WHAT TO WORK ON: Go through the data below. List every line that holds the word "which".

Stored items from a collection

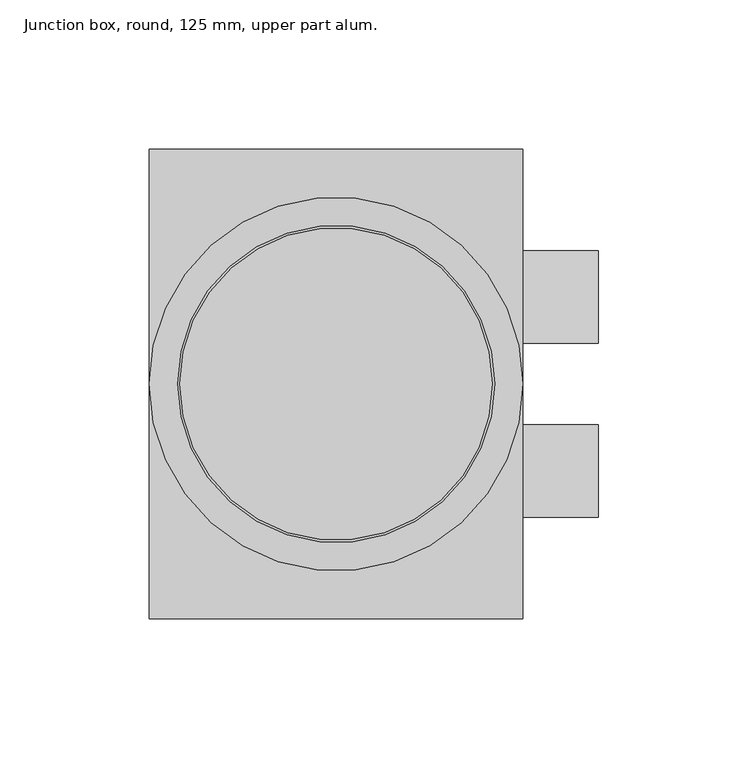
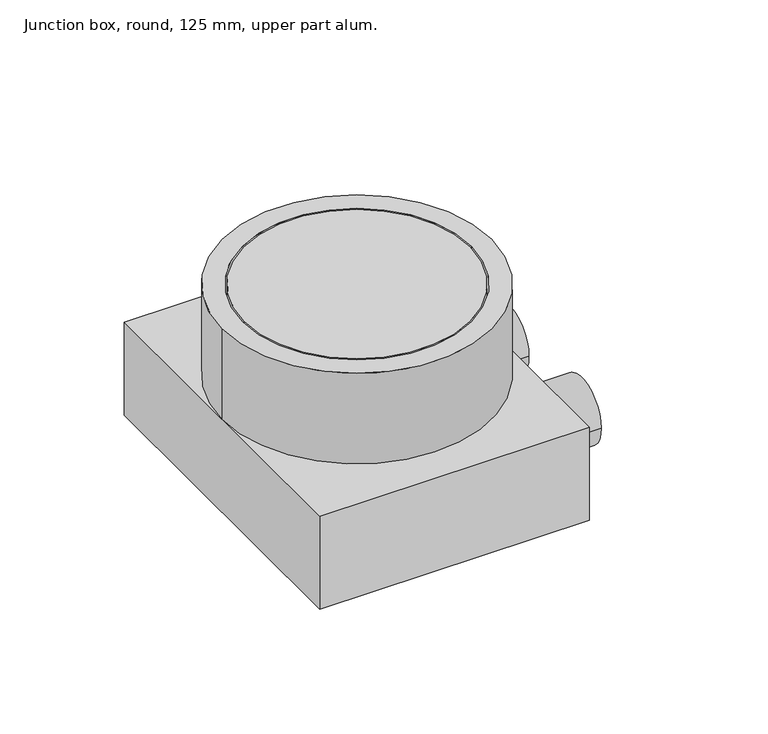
"""IFC4 building model written with IfcOpenShell, lengths in millimetres: proxy geometry, Electrical_Installation_Hager_VE-EE_Junction-box-round : Junction box, round, 125 mm, upper part alum.."""

import ifcopenshell
import ifcopenshell.guid

model = None  # the IFC model being written
_history = None  # IfcOwnerHistory: only IFC2X3 demands one
_inside = {}  # id of a spatial element -> (the spatial element, [elements in it])
_under = {}  # id of a project, library or spatial element -> (it, [spatial elements below it])
_declared = {}  # id of a project -> (the project, [libraries it declares])
_typed = {}  # id of a type object -> (the type object, [elements of that type])
_made_of = {}  # id of a material, layer set ... -> (it, [elements and type objects made of it])


def new_model(schema):
    """Start an empty IFC model of exactly this schema.

    Asked for "IFC4X3", IfcOpenShell would pick the latest addendum, in which some entities
    have other attributes; the version numbers below select the first issue.
    IFC2X3 requires an IfcOwnerHistory on every rooted entity: one is made here for all.
    """
    global model, _history
    if schema == "IFC4X3":
        model = ifcopenshell.file(schema_version=(4, 3, 0, 0))
    else:
        model = ifcopenshell.file(schema=schema)
    _inside.clear()
    _under.clear()
    _declared.clear()
    _typed.clear()
    _made_of.clear()
    _history = None
    if model.schema == "IFC2X3":
        org = make("IfcOrganization", Name="unknown")
        user = make(
            "IfcPersonAndOrganization",
            ThePerson=make("IfcPerson", FamilyName="unknown"),
            TheOrganization=org,
        )
        app = make(
            "IfcApplication",
            ApplicationDeveloper=org,
            Version="unknown",
            ApplicationFullName="unknown",
            ApplicationIdentifier="unknown",
        )
        _history = make(
            "IfcOwnerHistory",
            OwningUser=user,
            OwningApplication=app,
            ChangeAction="ADDED",
            CreationDate=0,
        )
    return model


def make(cls, **values):
    """One entity of the class cls with the attributes given. An attribute that is None is left unset."""
    return model.create_entity(
        cls, **{name: value for name, value in values.items() if value is not None}
    )


def rooted(cls, **values):
    """An entity with a GlobalId (a new one), such as an element, a storey or a relation."""
    return make(cls, GlobalId=ifcopenshell.guid.new(), OwnerHistory=_history, **values)


def si_unit(unit_type, name, prefix=None):
    """IfcSIUnit, for example si_unit("LENGTHUNIT", "METRE", prefix="MILLI")."""
    return make("IfcSIUnit", UnitType=unit_type, Prefix=prefix, Name=name)


def assignment(units):
    """IfcUnitAssignment: the units of a project."""
    return None if units is None else make("IfcUnitAssignment", Units=units)


def point(xyz):
    """IfcCartesianPoint."""
    return None if xyz is None else make("IfcCartesianPoint", Coordinates=xyz)


def direction(xyz):
    """IfcDirection."""
    return None if xyz is None else make("IfcDirection", DirectionRatios=xyz)


def frame(location, z_axis=None, x_axis=None):
    """IfcAxis2Placement3D, a coordinate frame: its origin and axes. An axis left out is left unset."""
    return make(
        "IfcAxis2Placement3D",
        Location=point(location),
        Axis=direction(z_axis),
        RefDirection=direction(x_axis),
    )


def frame_2d(location, x_axis=None):
    """IfcAxis2Placement2D, a coordinate frame in the plane: its origin and x axis."""
    return make(
        "IfcAxis2Placement2D", Location=point(location), RefDirection=direction(x_axis)
    )


def origin():
    """The frame at (0, 0, 0) with its axes left unset."""
    return frame((0.0, 0.0, 0.0))


def origin_2d():
    """The frame at (0, 0) in the plane with its x axis left unset."""
    return frame_2d((0.0, 0.0))


def place(relative_to, where):
    """IfcLocalPlacement: puts the frame where relative to a parent placement (None: the world)."""
    return make(
        "IfcLocalPlacement", PlacementRelTo=relative_to, RelativePlacement=where
    )


def context(
    kind, dimensions, precision=None, world=None, true_north=None, identifier=None
):
    """IfcGeometricRepresentationContext, for example the 3D "Model" context."""
    return make(
        "IfcGeometricRepresentationContext",
        ContextIdentifier=identifier,
        ContextType=kind,
        CoordinateSpaceDimension=dimensions,
        Precision=precision,
        WorldCoordinateSystem=world,
        TrueNorth=true_north,
    )


def project(units=None, contexts=None):
    """IfcProject with its units and contexts."""
    return rooted(
        "IfcProject",
        Name="project",
        RepresentationContexts=contexts,
        UnitsInContext=assignment(units),
    )


def spatial(cls, under=None, at=None, **own):
    """A site, building, storey or space (cls), placed at a placement, below another one or the project."""
    s = rooted(cls, ObjectPlacement=at, **own)
    if under is not None:
        _under.setdefault(under.id(), (under, []))[1].append(s)
    return s


def polyline(points):
    """IfcPolyline through the points."""
    return make("IfcPolyline", Points=[point(p) for p in points])


def circle_curve(where, radius):
    """IfcCircle in the frame where."""
    return make("IfcCircle", Position=where, Radius=radius)


def trimmed(basis, trim1, trim2, sense, master):
    """IfcTrimmedCurve: the piece of a basis curve between two trims."""
    return make(
        "IfcTrimmedCurve",
        BasisCurve=basis,
        Trim1=trim1,
        Trim2=trim2,
        SenseAgreement=sense,
        MasterRepresentation=master,
    )


def segment(curve, same_sense, transition):
    """IfcCompositeCurveSegment."""
    return make(
        "IfcCompositeCurveSegment",
        Transition=transition,
        SameSense=same_sense,
        ParentCurve=curve,
    )


def composite_curve(segments, self_intersect=None):
    """IfcCompositeCurve: segments joined end to end."""
    return make("IfcCompositeCurve", Segments=segments, SelfIntersect=self_intersect)


def outline(outer, holes=None, kind="AREA"):
    """IfcArbitraryClosedProfileDef: a profile drawn as a closed curve; with holes, ...WithVoids."""
    if holes is None:
        return make("IfcArbitraryClosedProfileDef", ProfileType=kind, OuterCurve=outer)
    return make(
        "IfcArbitraryProfileDefWithVoids",
        ProfileType=kind,
        OuterCurve=outer,
        InnerCurves=holes,
    )


def extrude(swept, where, along, depth):
    """IfcExtrudedAreaSolid: the profile swept, set in the frame where, extruded along a direction by depth."""
    return make(
        "IfcExtrudedAreaSolid",
        SweptArea=swept,
        Position=where,
        ExtrudedDirection=direction(along),
        Depth=depth,
    )


def shape(context_of_items, identifier, shape_type, items):
    """IfcShapeRepresentation: the items that make up one representation, for example the "Body"."""
    return make(
        "IfcShapeRepresentation",
        ContextOfItems=context_of_items,
        RepresentationIdentifier=identifier,
        RepresentationType=shape_type,
        Items=items,
    )


def source(mapping_origin, context_of_items, identifier, shape_type, items):
    """IfcRepresentationMap: a shape defined once, which mapped items show again and again."""
    return make(
        "IfcRepresentationMap",
        MappingOrigin=mapping_origin,
        MappedRepresentation=shape(context_of_items, identifier, shape_type, items),
    )


def transform(
    local_origin,
    x_axis=None,
    y_axis=None,
    z_axis=None,
    scale=None,
    scale2=None,
    scale3=None,
    uniform=True,
):
    """IfcCartesianTransformationOperator3D, or its non-uniform kind. x_axis, y_axis, z_axis: its Axis1, 2, 3."""
    if uniform:
        return make(
            "IfcCartesianTransformationOperator3D",
            Axis1=direction(x_axis),
            Axis2=direction(y_axis),
            LocalOrigin=point(local_origin),
            Scale=scale,
            Axis3=direction(z_axis),
        )
    return make(
        "IfcCartesianTransformationOperator3DnonUniform",
        Axis1=direction(x_axis),
        Axis2=direction(y_axis),
        LocalOrigin=point(local_origin),
        Scale=scale,
        Axis3=direction(z_axis),
        Scale2=scale2,
        Scale3=scale3,
    )


def mapped(mapping_source, mapping_target):
    """IfcMappedItem: shows the shape of a source again, moved by a transform."""
    return make(
        "IfcMappedItem", MappingSource=mapping_source, MappingTarget=mapping_target
    )


def made_of(thing, what):
    """Note that an element or type object is made of a material, layer set ...; save() writes the relation."""
    if what is not None:
        _made_of.setdefault(what.id(), (what, []))[1].append(thing)
    return thing


def element(
    cls,
    number,
    at=None,
    inside=None,
    cuts=None,
    type_object=None,
    material=None,
    context=None,
    identifier="Body",
    shape_type=None,
    held_by="IfcProductDefinitionShape",
    body=None,
    shapes=None,
    **own,
):
    """One element of the class cls, such as IfcWall. Its Tag is "e" and its number.

    at: its placement. inside: the storey or other place that contains it. cuts: it is an
    opening in that element (IfcRelVoidsElement). A single representation is given by context,
    identifier, shape_type and body (its items); several are given by shapes. held_by: the class
    of the entity that holds the representations. save() writes the other relations.
    """
    e = rooted(cls, Tag="e%d" % number, ObjectPlacement=at, **own)
    if body is not None:
        shapes = [shape(context, identifier, shape_type, body)]
    if shapes is not None:
        e.Representation = make(held_by, Representations=shapes)
    if inside is not None:
        _inside.setdefault(inside.id(), (inside, []))[1].append(e)
    if cuts is not None:
        rooted(
            "IfcRelVoidsElement", RelatingBuildingElement=cuts, RelatedOpeningElement=e
        )
    if type_object is not None:
        _typed.setdefault(type_object.id(), (type_object, []))[1].append(e)
    return made_of(e, material)


def aggregate(whole, parts):
    """IfcRelAggregates: a whole, such as a stair, and the parts it consists of."""
    return rooted("IfcRelAggregates", RelatingObject=whole, RelatedObjects=parts)


def save(model, path):
    """Write the relations noted so far, then the file.

    IfcRelAggregates (storeys below a building ...), IfcRelContainedInSpatialStructure (elements
    in a storey), IfcRelDefinesByType, IfcRelAssociatesMaterial and IfcRelDeclares: one each for
    every whole, place, type object, material and project.
    """
    for whole, parts in _under.values():
        aggregate(whole, parts)
    for where, things in _inside.values():
        rooted(
            "IfcRelContainedInSpatialStructure",
            RelatedElements=things,
            RelatingStructure=where,
        )
    for kind, things in _typed.values():
        rooted("IfcRelDefinesByType", RelatedObjects=things, RelatingType=kind)
    for what, things in _made_of.values():
        rooted("IfcRelAssociatesMaterial", RelatedObjects=things, RelatingMaterial=what)
    for by, libraries in _declared.values():
        rooted("IfcRelDeclares", RelatingContext=by, RelatedDefinitions=libraries)
    model.write(path)


def junction_box_round_125_mm_upper_part_alum_29b8801a(model_context):
    return source(origin(), model_context, "Body", "SweptSolid", [
        extrude(outline(composite_curve([segment(trimmed(circle_curve(origin_2d(), 45.0), [point((-45.0, 0.0))], [point((45.0, 0.0))], False, "CARTESIAN"), True, "CONTINUOUS"), segment(trimmed(circle_curve(origin_2d(), 45.0), [point((45.0, 0.0))], [point((-45.0, 0.0))], False, "CARTESIAN"), True, "CONTINUOUS")], self_intersect=False)), frame((0.0, 0.0, -44.4446396), z_axis=(0.0, 0.0, 1.0), x_axis=(1.0, 0.0, 0.0)), (0.0, 0.0, 1.0), 22.2223198),
        extrude(outline(composite_curve([segment(trimmed(circle_curve(frame_2d((-29.0988767, -74.4100046)), 15.5), [point((-44.5988767, -74.4100046))], [point((-13.5988767, -74.4100046))], False, "CARTESIAN"), True, "CONTINUOUS"), segment(trimmed(circle_curve(frame_2d((-29.0988767, -74.4100046)), 15.5), [point((-13.5988767, -74.4100046))], [point((-44.5988767, -74.4100046))], False, "CARTESIAN"), True, "CONTINUOUS")], self_intersect=False)), frame((62.5, 0.0, 0.0), z_axis=(1.0, 0.0, 0.0), x_axis=(0.0, 1.0, 0.0)), (0.0, 0.0, 1.0), 25.2),
        extrude(outline(composite_curve([segment(trimmed(circle_curve(frame_2d((29.0988767, -74.4100046)), 15.5), [point((13.5988767, -74.4100046))], [point((44.5988767, -74.4100046))], False, "CARTESIAN"), True, "CONTINUOUS"), segment(trimmed(circle_curve(frame_2d((29.0988767, -74.4100046)), 15.5), [point((44.5988767, -74.4100046))], [point((13.5988767, -74.4100046))], False, "CARTESIAN"), True, "CONTINUOUS")], self_intersect=False)), frame((62.5, 0.0, 0.0), z_axis=(1.0, 0.0, 0.0), x_axis=(0.0, 1.0, 0.0)), (0.0, 0.0, 1.0), 25.2),
        extrude(outline(composite_curve([segment(trimmed(circle_curve(origin_2d(), 52.2738495), [point((-52.2738495, 0.0))], [point((52.2738495, 0.0))], False, "CARTESIAN"), True, "CONTINUOUS"), segment(trimmed(circle_curve(origin_2d(), 52.2738495), [point((52.2738495, 0.0))], [point((-52.2738495, 0.0))], False, "CARTESIAN"), True, "CONTINUOUS")], self_intersect=False)), frame((0.0, 0.0, -44.4446396), z_axis=(0.0, 0.0, 1.0), x_axis=(1.0, 0.0, 0.0)), (0.0, 0.0, 1.0), 44.4446396),
        extrude(outline(composite_curve([segment(trimmed(circle_curve(origin_2d(), 62.5), [point((-62.5, 0.0))], [point((62.5, 0.0))], False, "CARTESIAN"), True, "CONTINUOUS"), segment(trimmed(circle_curve(origin_2d(), 62.5), [point((62.5, 0.0))], [point((-62.5, 0.0))], False, "CARTESIAN"), True, "CONTINUOUS")], self_intersect=False), holes=[composite_curve([segment(trimmed(circle_curve(origin_2d(), 53.0323187), [point((-53.0323187, 0.0))], [point((53.0323187, 0.0))], True, "CARTESIAN"), True, "CONTINUOUS"), segment(trimmed(circle_curve(origin_2d(), 53.0323187), [point((53.0323187, 0.0))], [point((-53.0323187, 0.0))], True, "CARTESIAN"), True, "CONTINUOUS")], self_intersect=False)]), frame((0.0, 0.0, -44.4446396), z_axis=(0.0, 0.0, 1.0), x_axis=(1.0, 0.0, 0.0)), (0.0, 0.0, 1.0), 44.4446396),
        extrude(outline(polyline([(62.5, 78.5), (62.5, -78.5), (-62.5, -78.5), (-62.5, 78.5), (62.5, 78.5)])), frame((0.0, 0.0, -90.0), z_axis=(0.0, 0.0, 1.0), x_axis=(1.0, 0.0, 0.0)), (0.0, 0.0, 1.0), 45.5553604),
    ])


if __name__ == "__main__":
    model = new_model("IFC4")
    model_context = context("Model", 3, world=origin())
    ifc_project = project(units=[si_unit("LENGTHUNIT", "METRE", prefix="MILLI")], contexts=[model_context])
    site = spatial("IfcSite", under=ifc_project)
    building = spatial("IfcBuilding", under=site)
    placement = place(None, origin())
    junction_box_round_125_mm_upper_part_alum_shape = junction_box_round_125_mm_upper_part_alum_29b8801a(model_context)
    element("IfcBuildingElementProxy", 1, Name="Electrical_Installation_Hager_VE-EE_Junction-box-round : Junction box, round, 125 mm, upper part alum.", ObjectType="Electrical_Installation_Hager_VE-EE_Junction-box-round : Junction box, round, 125 mm, upper part alum.", at=placement, inside=building, context=model_context, shape_type="MappedRepresentation", body=[
        mapped(junction_box_round_125_mm_upper_part_alum_shape, transform((0.0, 0.0, 0.0), x_axis=(1.0, 0.0, 0.0), y_axis=(0.0, 1.0, 0.0), z_axis=(0.0, 0.0, 1.0))),
    ])
    save(model, "model.ifc")

OUTPUT FOR THIS TASK:
    Asked for "IFC4X3", IfcOpenShell would pick the latest addendum, in which some entities
    """IfcRepresentationMap: a shape defined once, which mapped items show again and again."""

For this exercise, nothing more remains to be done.